Below is the code inspired by Stack Overflow (this page and this one too) to compare Lasso coefficents and Random Forest feature importance.
# Compare Lasso coefficients and Random Forest feature importances
rf_importances = rf.feature_importances_
lasso_coefficients = lasso.coef_[:len(features_reduced)] # Ensure coefficients match feature set
# Create a comparison df
comparison_df = pd.DataFrame({'Feature': features_reduced,'Lasso Coefficient': lasso_coefficients,'Random Forest Importance': rf_importances}).sort_values(by='Random Forest Importance', ascending=False)
# Plot the comparison
plt.figure(figsize=(10, 6))
comparison_df.plot(x='Feature', kind='barh', stacked=False,figsize=(10, 8),title='Feature Importance: Lasso vs Random Forest', alpha=0.7)
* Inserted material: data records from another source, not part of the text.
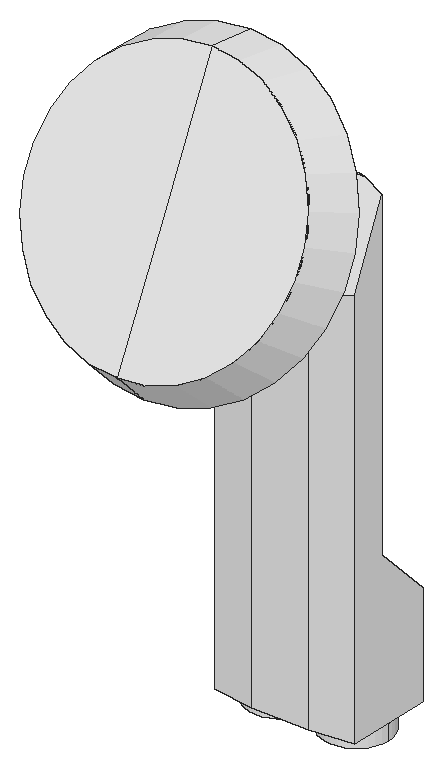
Revit family "Showerhead_Contemporary_Soiree_TS960AL_TOTO", category Plumbing Fixtures, host Face, Revit 2013
Parameters (values of type "TS960AL")
  ecoScorecard_data = " "
  ecoScorecard Product Page = "  "
  Width = 0' - 4 3/4"  # constant formula
  Waste Connection = no
  Warranty URL = "http://www.totousa.com/warranty-registration"
  Warranty = "Lifetime Limited Warranty (Residential Use); One Year Limited (Commercial Use)"  # constant formula
  WFU = 0
  Vent Connection = no
  URL = "http://www.totousa.com"
  Toto BIM Number = "BM-00055"  # constant formula
  Tempered Water Connection NPT = 1/2"
  Subcategory = "Showers"  # constant formula
  Style = "Contemporary"  # constant formula
  Spec Sheet URL = "http://assets.totousa.com/product-files/SS-00445_TS960AL.pdf"
  Shipping Weight = 11.00 lbf
  Series = "Soiree"  # constant formula
  Product Page URL = " "
  Owners Manual URL = "  "
  Model = "TS960AL"  # constant formula
  Manufacturer Toll Free Phone = "1-888-295-8134"  # constant formula
  Manufacturer Phone = "(770) 282-8686"  # constant formula
  Manufacturer Fax = "(770) 282-0002"  # constant formula
  Manufacturer Email = "mailto:custservice@totousa.com"
  Manufacturer Address = "1155 Southern Road, Morrow, Georgia 30260"  # constant formula
  Manufacturer = "TOTO USA, Inc."  # constant formula
  Installation URL = " "
  Hot Water Connection Radius = 0' - 0 1/2"
  Hot Water Connection Diameter = Hot Water Connection Radius * 2  # 0' - 1"
  Hot Water Connection = "Hot Water Connection"  # constant formula
  Height = 0' - 4 11/16"  # constant formula
  HWFU = 0
  HW Connection = yes
  Flow Rate = 1.75 GPM
  Finish = Metal - TOTO - Chrome - Polished
  Description = "Showerhead"  # constant formula
  Depth = 0' - 10"  # constant formula
  Default Elevation = 6' - 5"
  Cost Info = "mailto:custservice@totousa.com"
  Color Availability = "#CP Polished Chrome"  # constant formula
  Cold Water Connector = "Cold Water Connection"  # constant formula
  Cold Water Connection Radius = 0' - 0 1/2"
  Cold Water Connection Diameter = Cold Water Connection Radius * 2  # 0' - 1"
  CWFU = 0
  CW Connection = yes
  CAD Drawing URL = "http://assets.totousa.com/product-files/AD-00073_TS960A_AL.dxf"
  Assembly Code = "D2010710"
  95 CSI = "15416"  # constant formula
  04 CSI = "22 41 39"  # constant formula
Reference planes (in)
  plane 1 "Center (Front/Back)": y = 0
  plane 2: z = 0
  plane 3 "Center (Left/Right)": x = 0
Dimensions and locks (in)
  aligned and locked: plane 2 to host face
  aligned and locked: level to host face
  aligned and locked: plane 3 "Center (Left/Right)" to nested 1
  aligned and locked: plane 1 "Center (Front/Back)" to nested 1
Nested families (in)
  nested 1: "TS960AL" at (0, 0, 0), type "TS960AL"
Connectors (in)
  piping at (0.58984, 0, -0.25), driven by "Cold Water Connection Radius", driven by "CWFU", driven by "Cold Water Connector", driven by "CW Connection", driven by "CW Connection"
    settings: on nested 1, index 1, connector radius 1/2", flow factor 0, pipe flow 0.00 GPM, pressure drop 0.00 psi, fitting loss kfactor 0, connector angle 0.00°, fixture units 0, engagement length 0' - 0", flow configuration 3, flow direction 1, fitting loss method 0, system type 20, joint type 0, gender type 0, connector reference index -1, connector utility 1, adjustable connector yes, is connector primary yes, fitting loss table "", connector description "Cold Water Connection"
  piping at (-0.58984, 0, -0.25), driven by "HW Connection", driven by "Hot Water Connection", driven by "Hot Water Connection Radius", driven by "HWFU"
    settings: on nested 1, index 2, connector radius 1/2", flow factor 0, pipe flow 0.00 GPM, pressure drop 0.00 psi, fitting loss kfactor 0, connector angle 0.00°, fixture units 0, engagement length 0' - 0", flow configuration 3, flow direction 1, fitting loss method 0, system type 19, joint type 0, gender type 0, connector reference index -1, connector utility 1, adjustable connector no, is connector primary no, fitting loss table "", connector description "Hot Water Connection"
Definition of nested family "TS960AL"
  Parameters (values of type "TS960AL")
    Width = 0' - 4 3/4"  # constant formula
    Waste Connection = no
    WFU = 0
    Vent Connection = yes
    URL = ""
    Tempered Water Connection NPT = 1/2"
    Showerhead Material = Metal - TOTO - Chrome - Polished
    Model = ""
    Manufacturer = ""
    Height = 0' - 4 11/16"  # constant formula
    HWFU = 0
    HW Connection = yes
    Description = ""
    Depth = 0' - 10"  # constant formula
    Default Elevation = 6' - 5"
    CWFU = 0
    CW Connection = no
    Assembly Code = ""
  Reference planes (in)
    plane 1 "Center (Front/Back)": y = 0
    plane 2: z = 0
    plane 3 "Center (Left/Right)": x = 0
    plane 4: x = -1.09375
    plane 5: x = 1.09375
    plane 6: y = 0.75
    plane 7: y = -0.75
    plane 8: y = -3.9375
    plane 9: y = -3
    plane 10: z = 9.98123
    plane 11: x = 2.375
    plane 12: x = -2.375
  Forms (in)
    Extrusion 1, solid
      sketch origin (0, 0, 0) x (1, 0, 0) y (0, 1, 0)
        loop
          line (-48, 48) -> (-48, -48) -> (48, -48) -> (48, 48) -> (-48, 48)
      from 0 to -12
    Extrusion 2, solid, material "Metal - TOTO - Chrome - Polished" <- "Showerhead Material"
      sketch origin (0, 0, 0) x (0, 1, 0) y (0, 0, 1)
        loop
          line (-0.75, 0) -> (0.75, 0) -> (0.75, 1.48)
          arc (0.75, 1.48) -> (0.33798, 1.96688) -> (-0.12748, 2.40295) r 5.51706
          line (-0.12748, 2.40295) -> (-0.03906, 2.40295) -> (-0.03906, 7.5414)
          arc (-0.03906, 7.5414) -> (-0.05422, 7.5602) -> (-0.0758, 7.54938) r 0.01924
          line (-0.0758, 7.54938) -> (-0.75, 6.07) -> (-0.75, 0)
      from -1.09375 to 1.09375
    Extrusion 3, void
      sketch origin (0, 0, 0) x (1, 0, 0) y (0, 1, 0)
        loop
          line (1.09375, 0.66158) -> (1.09375, 0.79638) -> (-1.09375, 0.79638) -> (-1.09375, 0.66158)
          arc (-1.09375, 0.66158) -> (0, 0.76719) -> (1.09375, 0.66158) r 5.71648
      from 0 to 2.40295
    Extrusion 4, void
      sketch origin (0, -0.78906, 0) x (1, 0, 0) y (0, 1, 0)
        loop
          line (1.09375, 0.66158) -> (1.09375, 0.78906) -> (-1.09375, 0.78906) -> (-1.09375, 0.66158)
          arc (-1.09375, 0.66158) -> (0, 0.76719) -> (1.09375, 0.66158) r 5.71648
      from 2.40295 to 9.98123
    Extrusion 5, void
      sketch origin (0, 0, 0) x (1, 0, 0) y (0, 1, 0)
        loop
          arc (1.09375, -0.66158) -> (0, -0.76719) -> (-1.09375, -0.66158) r 5.71648
          line (-1.09375, -0.66158) -> (-1.09375, -0.79638) -> (1.09375, -0.79638) -> (1.09375, -0.66158)
      from 0 to 9.98123
    Revolve 6, solid, material "Metal - TOTO - Chrome - Polished" <- "Showerhead Material", detail levels fine
      sketch origin (0, -3.02696, 0.50818) x (0, 0.898794, -0.438371) y (0, 0.438371, 0.898794)
        loop
          line (-0.41283, 6.80689) -> (-0.4263, 7.32145) -> (-1.0843, 7.32145) -> (-1.20166, 6.98061) -> (-1.31283, 6.9777) -> (-1.31283, 7.32145) -> (-2.24283, 7.32145) -> (-2.24283, 7.1652) -> (-2.57658, 7.1652) -> (-2.57658, 9.18189) -> (-3.29658, 8.93189) -> (-3.29658, 6.80689) -> (-0.41283, 6.80689)
        axis (-3.29658, 6.80689) -> (-0.41283, 6.80689)
      angle from 0 to 360
    Extrusion 7, solid, material "Metal - TOTO - Chrome - Polished" <- "Showerhead Material"
      sketch origin (0, 0, 0) x (1, 0, 0) y (0, 1, 0)
        loop
          circle (0.58984, 0) r 0.5
        loop
          circle (-0.58984, 0) r 0.5
      from 0 to -0.25
    Revolve 8, solid, material "Metal - TOTO - Chrome - Polished" <- "Showerhead Material", detail levels coarse+medium
      sketch origin (0, 0, 0) x (0, 1, 0) y (0, 0, 1)
        loop
          line (-0.41406, 6.80714) -> (-0.20061, 7.27553) -> (-2.13326, 8.21815) -> (-1.3177, 9.8903) -> (-1.96483, 10.20593) -> (-3.00596, 8.0713) -> (-0.41406, 6.80714)
        axis (-0.41406, 6.80714) -> (-3.00596, 8.0713)
      angle from 0 to 360
  Cuts and joins
    Extrusion 3, Extrusion 4, Extrusion 5 cuts Extrusion 2
  Dimensions and locks (in)
    equal spacing: Extrusion 2 sketch curve, plane 1 "Center (Front/Back)", Extrusion 2 sketch curve, locked at 0.75 each
    plane 4 to plane 3 "Center (Left/Right)" to plane 5 = 0' - 1 3/32" locked, 0' - 1 3/32" locked
    Extrusion 2 sketch curve to Extrusion 2 sketch curve to Extrusion 2 sketch curve to Extrusion 2 sketch curve to Extrusion 2 sketch curve to Extrusion 2 sketch curve to Extrusion 2 sketch curve = 0' - 1.48" locked, 0' - 0.92295" locked, 0' - 0" locked, 0' - 3.66705" locked, 0' - 1.4714" locked, 0' - 0.00798" locked
    plane 1 "Center (Front/Back)" to Extrusion 3 sketch curve to Extrusion 3 sketch curve = 0' - 0.66158" locked, 0' - 0" locked
    locked: Extrusion 3 sketch curve to plane 1 "Center (Front/Back)" at 0.79638
    Extrusion 4 sketch curve to Extrusion 4 sketch curve to plane 1 "Center (Front/Back)" = 0' - 0" locked, 0' - 0.12748" locked
    locked: plane 1 "Center (Front/Back)" to Extrusion 5 sketch curve at 0.79638
    Extrusion 5 sketch curve to Extrusion 5 sketch curve to plane 1 "Center (Front/Back)" = 0' - 0" locked, 0' - 0.66158" locked
    Revolve 6 sketch curve to Revolve 6 sketch curve to Revolve 6 sketch curve to Revolve 6 sketch curve = 0' - 0.72" locked, 0' - 0.33375" locked, 0' - 0.93" locked
    locked: plane 9 to plane 1 "Center (Front/Back)" at 3
    locked: plane 3 "Center (Left/Right)" to plane 11 at 2.375
    locked: plane 12 to plane 3 "Center (Left/Right)" at 2.375
    "Height": plane 8 to plane 6
    aligned and locked: plane 2 to Extrusion 1
    aligned and locked: level to Extrusion 1
    aligned and locked: Extrusion 2 sketch curve to plane 2
    aligned and locked: plane 4 to Extrusion 2
    aligned and locked: plane 5 to Extrusion 2
    aligned and locked: Extrusion 3 to Extrusion 2
    aligned and locked: Extrusion 4 to Extrusion 5
    aligned and locked: plane 4 to Extrusion 3 sketch curve
    aligned and locked: plane 5 to Extrusion 3 sketch curve
    aligned and locked: Extrusion 4 sketch curve to plane 1 "Center (Front/Back)"
    aligned and locked: plane 5 to Extrusion 4 sketch curve
    aligned and locked: plane 4 to Extrusion 4 sketch curve
    aligned and locked: plane 5 to Extrusion 5 sketch curve
    aligned and locked: Extrusion 5 sketch curve to plane 4
    aligned and locked: Extrusion 3 to Extrusion 4
    aligned and locked: Revolve 6 sketch curve to Revolve 6 sketch curve  (x2)
    aligned and locked: plane 2 to Extrusion 7
    aligned and locked: plane 6 to cut or joined group of Extrusion 2, Extrusion 3, Extrusion 4, Extrusion 5
    aligned and locked: plane 7 to cut or joined group of Extrusion 2, Extrusion 3, Extrusion 4, Extrusion 5
    aligned and locked: plane 8 to Revolve 6
    aligned and locked: Revolve 6 sketch curve to cut or joined group of Extrusion 2, Extrusion 3, Extrusion 4, Extrusion 5
    aligned and locked: plane 10 to Revolve 6
    aligned and locked: Extrusion 4 to plane 10
  Automatic sketch dimensions
    Extrusion 1 sketch curve to Extrusion 1 sketch curve = 8' - 0"  (x2)
    Extrusion 2 sketch curve to level = 0' - 1.83453"
    plane 1 "Center (Front/Back)" to Extrusion 2 sketch curve = 0' - 0 3/4"
    plane 1 "Center (Front/Back)" to Extrusion 2 sketch curve = 0' - 0.12748"
    Extrusion 2 sketch curve to Extrusion 2 sketch curve = 0' - 0.01751"
    plane 1 "Center (Front/Back)" to Extrusion 2 sketch curve = 0' - 0 5/128"
    plane 1 "Center (Front/Back)" to Extrusion 4 sketch curve = 0' - 5.73835"
    plane 1 "Center (Front/Back)" to Extrusion 5 sketch curve = 0' - 4.94929"
    plane 1 "Center (Front/Back)" to Extrusion 3 sketch curve = 0' - 4.94929"
    plane 10 to Revolve 6 sketch curve = 0' - 0"
    plane 7 to Revolve 6 sketch curve = 0' - 0.04201"
    plane 8 to Revolve 6 sketch curve = 0' - 1.26337"
    plane 10 to Revolve 6 sketch curve = 0' - 0.83941"
    Revolve 6 sketch curve to Revolve 6 sketch curve = 0' - 0.11117"
    Revolve 6 sketch curve to Revolve 6 sketch curve = 0' - 2.93"
    Revolve 6 sketch curve to Revolve 6 sketch curve = 0' - 0.00291"
    Revolve 6 sketch curve to Revolve 6 sketch curve = 0' - 2.44206"
    Revolve 6 sketch curve to Revolve 6 sketch curve = 0' - 0.22853"
    Revolve 6 sketch curve to Revolve 6 sketch curve = 0' - 0 11/32"
    Revolve 6 sketch curve to Revolve 6 sketch curve = 0' - 0 5/32"
    Revolve 6 sketch curve to Revolve 6 sketch curve = 0' - 0 1/4"
    plane 9 to Revolve 8 sketch curve = 0' - 0.45536"
    plane 9 to Revolve 8 sketch curve = 0' - 0.00596"
    Revolve 8 sketch curve to Revolve 8 sketch curve = 0' - 0"  (x2)
    Revolve 8 sketch curve to plane 9 = 0' - 0.86674"
    Revolve 8 sketch curve to plane 10 = 0' - 0.2247"
    Revolve 8 sketch curve to plane 9 = 0' - 1 9/256"
    plane 10 to Revolve 8 sketch curve = 0' - 0.09093"
    Revolve 8 sketch curve to Revolve 8 sketch curve = 0' - 0.64713"
    Revolve 8 sketch curve to plane 7 = 0' - 0 43/128"
    plane 1 "Center (Front/Back)" to Revolve 8 sketch curve = 0' - 0.20061"
    Revolve 8 sketch curve to Revolve 8 sketch curve = 0' - 0.21919"
    plane 1 "Center (Front/Back)" to Extrusion 7 sketch curve = 0' - 0"  (x2)
    Extrusion 7 sketch curve to plane 4 = 0' - 0 129/256"
    Extrusion 7 sketch curve to plane 5 = 0' - 0 129/256"
    radius of Extrusion 7 sketch curve = 0' - 0 1/2"  (x2)

plt.gca().invert_yaxis() # Reverse the order for better readability
plt.show()
<Figure size 1000x600 with 0 Axes>
This graph shows that Random Forest identifies significance in more features then Lasso Regression, since there are more orange bars than blue. Also, for shared features of Random Forest and Lasso, the Random Forest importance is greater than the Lasso’s in most cases. This shows that Random Forest is more sensitive, and thus has a potential for overfitting, while Lasso is more selective so it has the potential for underfitting. By the Bias-Variance Tradeoff, that makes Lasso have high bias and low variance and Random Forest have low bias and high variance for this dataset.
Conclusion:#
Through my project, I found that the three most significant factors (in order from greatest to least) are: Job Satisfaction, Career Change Interest, and Salary. The median salary is higher for those not likely to change jobs. Additionallly, the median Job Satisfaction is lower for those likely to change jobs. It was also interesting to see the how Field of Study and Occupation effect the likeliness to change jobs. Those who study Education are more likely to change occupations, while those who study psychology are the least likely. Also, Biologists are the most likely to change occupations, while teachers are the least likely to change occupations. These results are heavily influenced by salary and job satisfaction. The majority of features forming non-linear relationships was predictable, but made for a very interesting analysis when I compared the results of the Lasso Regression to the Random Forest. Ultimatly, the Random Forest was better as it was more sensitive to the data.